- [Your objective]: For the entries that follow, set down each one exactly and drop any pictures.

- [Records for processing]:
┌────────

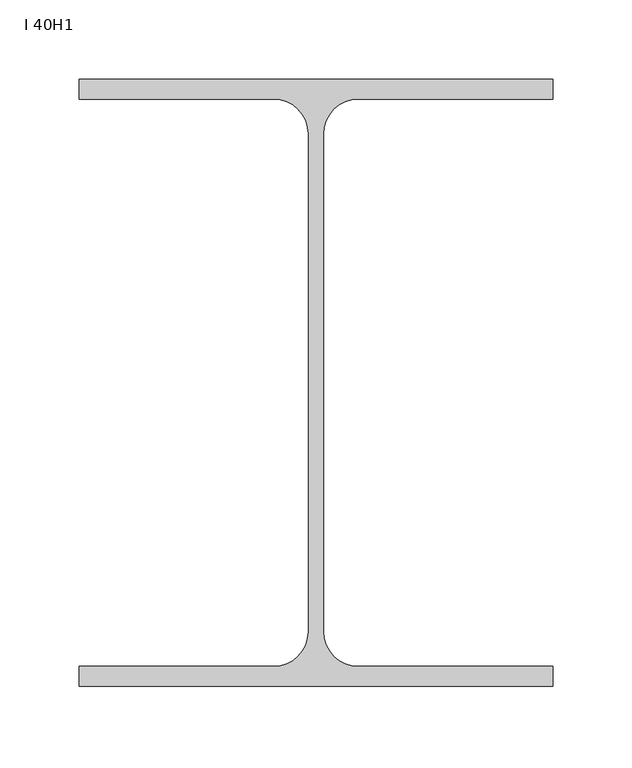
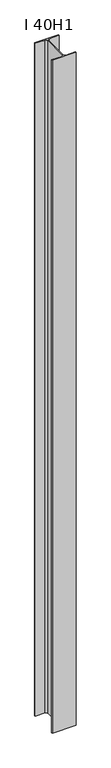
"""IFC4 building model written with IfcOpenShell, lengths in millimetres: column geometry, Двутавровая балка с широкими полками (ASTO20-93)-Колонна : I 40H1."""

from ifc_helpers import new_model, si_unit, point, frame_2d, origin, origin_with_axes, place, context, project, spatial, polyline, circle_curve, trimmed, segment, composite_curve, outline, extrude, source, transform, mapped, element, save


def i_40h1_0f399548(model_context):
    return source(origin(), model_context, "Body", "SweptSolid", [
        extrude(outline(composite_curve([segment(polyline([(-149.5, 178.5), (-149.5, 191.0), (149.5, 191.0), (149.5, 178.5), (26.75, 178.5)]), True, "CONTINUOUS"), segment(trimmed(circle_curve(frame_2d((26.75, 156.5)), 22.0), [point((26.75, 178.5))], [point((4.75, 156.5))], True, "CARTESIAN"), True, "CONTINUOUS"), segment(polyline([(4.75, 156.5), (4.75, -157.5)]), True, "CONTINUOUS"), segment(trimmed(circle_curve(frame_2d((26.75, -157.5)), 22.0), [point((4.75, -157.5))], [point((26.75, -179.5))], True, "CARTESIAN"), True, "CONTINUOUS"), segment(polyline([(26.75, -179.5), (149.5, -179.5), (149.5, -192.0), (-149.5, -192.0), (-149.5, -179.5), (-26.75, -179.5)]), True, "CONTINUOUS"), segment(trimmed(circle_curve(frame_2d((-26.75, -157.5)), 22.0), [point((-26.75, -179.5))], [point((-4.75, -157.5))], True, "CARTESIAN"), True, "CONTINUOUS"), segment(polyline([(-4.75, -157.5), (-4.75, 156.5)]), True, "CONTINUOUS"), segment(trimmed(circle_curve(frame_2d((-26.75, 156.5)), 22.0), [point((-4.75, 156.5))], [point((-26.75, 178.5))], True, "CARTESIAN"), True, "CONTINUOUS"), segment(polyline([(-26.75, 178.5), (-149.5, 178.5)]), True, "CONTINUOUS")], self_intersect=False)), origin_with_axes(), (0.0, 0.0, 1.0), 8923.3858447),
    ])


if __name__ == "__main__":
    model = new_model("IFC4")
    model_context = context("Model", 3, world=origin())
    ifc_project = project(units=[si_unit("LENGTHUNIT", "METRE", prefix="MILLI")], contexts=[model_context])
    site = spatial("IfcSite", under=ifc_project)
    building = spatial("IfcBuilding", under=site)
    placement = place(None, origin())
    i_40h1_shape = i_40h1_0f399548(model_context)
    element("IfcColumn", 1, ObjectType="Двутавровая балка с широкими полками (ASTO20-93)-Колонна : I 40H1", at=placement, inside=building, context=model_context, shape_type="MappedRepresentation", body=[
        mapped(i_40h1_shape, transform((0.0, 0.0, 0.0), x_axis=(1.0, 0.0, 0.0), y_axis=(0.0, 1.0, 0.0), z_axis=(0.0, 0.0, 1.0))),
    ])
    save(model, "model.ifc")

# Revit data of these elements
# Type "Двутавровая балка с широкими полками (ASTO20-93)-Колонна : I 40H1"
#   ra = 22 mm
#   W = 0.868869
#   Vz = 191.5 mm
#   Vy = 149.5 mm
#   Vpz = 191.5 mm
#   Vpy = 149.5 mm
#   bf = 299 mm
#   d = 383 mm
#   tf = 12.5 mm
#   tw = 9.5 mm
#   A = 0.011291 m²
#   Structural Material [instance default] = Металл - Сталь - 345 МПa
#   Assembly Code = ""
# Element 1 (IfcColumn, "Двутавровая балка с широкими полками (ASTO20-93)-Колонна : I 40H1")
#   Structural Material = C345
#   Materials on its faces: "C345"
# Materials
#   "Металл - Сталь - 345 МПa": class "Металл", colour RGB 247 247 247, transparency 0
#   "C345": class "Не назначено", colour RGB 0 0 0, transparency 0

└────────

- [Response box]:
"""IFC4 building model written with IfcOpenShell, lengths in millimetres: column geometry, Двутавровая балка с широкими полками (ASTO20-93)-Колонна : I 40H1."""

from ifc_helpers import new_model, si_unit, point, frame_2d, origin, origin_with_axes, place, context, project, spatial, polyline, circle_curve, trimmed, segment, composite_curve, outline, extrude, source, transform, mapped, element, save


def i_40h1_0f399548(model_context):
    return source(origin(), model_context, "Body", "SweptSolid", [
        extrude(outline(composite_curve([segment(polyline([(-149.5, 178.5), (-149.5, 191.0), (149.5, 191.0), (149.5, 178.5), (26.75, 178.5)]), True, "CONTINUOUS"), segment(trimmed(circle_curve(frame_2d((26.75, 156.5)), 22.0), [point((26.75, 178.5))], [point((4.75, 156.5))], True, "CARTESIAN"), True, "CONTINUOUS"), segment(polyline([(4.75, 156.5), (4.75, -157.5)]), True, "CONTINUOUS"), segment(trimmed(circle_curve(frame_2d((26.75, -157.5)), 22.0), [point((4.75, -157.5))], [point((26.75, -179.5))], True, "CARTESIAN"), True, "CONTINUOUS"), segment(polyline([(26.75, -179.5), (149.5, -179.5), (149.5, -192.0), (-149.5, -192.0), (-149.5, -179.5), (-26.75, -179.5)]), True, "CONTINUOUS"), segment(trimmed(circle_curve(frame_2d((-26.75, -157.5)), 22.0), [point((-26.75, -179.5))], [point((-4.75, -157.5))], True, "CARTESIAN"), True, "CONTINUOUS"), segment(polyline([(-4.75, -157.5), (-4.75, 156.5)]), True, "CONTINUOUS"), segment(trimmed(circle_curve(frame_2d((-26.75, 156.5)), 22.0), [point((-4.75, 156.5))], [point((-26.75, 178.5))], True, "CARTESIAN"), True, "CONTINUOUS"), segment(polyline([(-26.75, 178.5), (-149.5, 178.5)]), True, "CONTINUOUS")], self_intersect=False)), origin_with_axes(), (0.0, 0.0, 1.0), 8923.3858447),
    ])


if __name__ == "__main__":
    model = new_model("IFC4")
    model_context = context("Model", 3, world=origin())
    ifc_project = project(units=[si_unit("LENGTHUNIT", "METRE", prefix="MILLI")], contexts=[model_context])
    site = spatial("IfcSite", under=ifc_project)
    building = spatial("IfcBuilding", under=site)
    placement = place(None, origin())
    i_40h1_shape = i_40h1_0f399548(model_context)
    element("IfcColumn", 1, ObjectType="Двутавровая балка с широкими полками (ASTO20-93)-Колонна : I 40H1", at=placement, inside=building, context=model_context, shape_type="MappedRepresentation", body=[
        mapped(i_40h1_shape, transform((0.0, 0.0, 0.0), x_axis=(1.0, 0.0, 0.0), y_axis=(0.0, 1.0, 0.0), z_axis=(0.0, 0.0, 1.0))),
    ])
    save(model, "model.ifc")

# Revit data of these elements
# Type "Двутавровая балка с широкими полками (ASTO20-93)-Колонна : I 40H1"
#   ra = 22 mm
#   W = 0.868869
#   Vz = 191.5 mm
#   Vy = 149.5 mm
#   Vpz = 191.5 mm
#   Vpy = 149.5 mm
#   bf = 299 mm
#   d = 383 mm
#   tf = 12.5 mm
#   tw = 9.5 mm
#   A = 0.011291 m²
#   Structural Material [instance default] = Металл - Сталь - 345 МПa
#   Assembly Code = ""
# Element 1 (IfcColumn, "Двутавровая балка с широкими полками (ASTO20-93)-Колонна : I 40H1")
#   Structural Material = C345
#   Materials on its faces: "C345"
# Materials
#   "Металл - Сталь - 345 МПa": class "Металл", colour RGB 247 247 247, transparency 0
#   "C345": class "Не назначено", colour RGB 0 0 0, transparency 0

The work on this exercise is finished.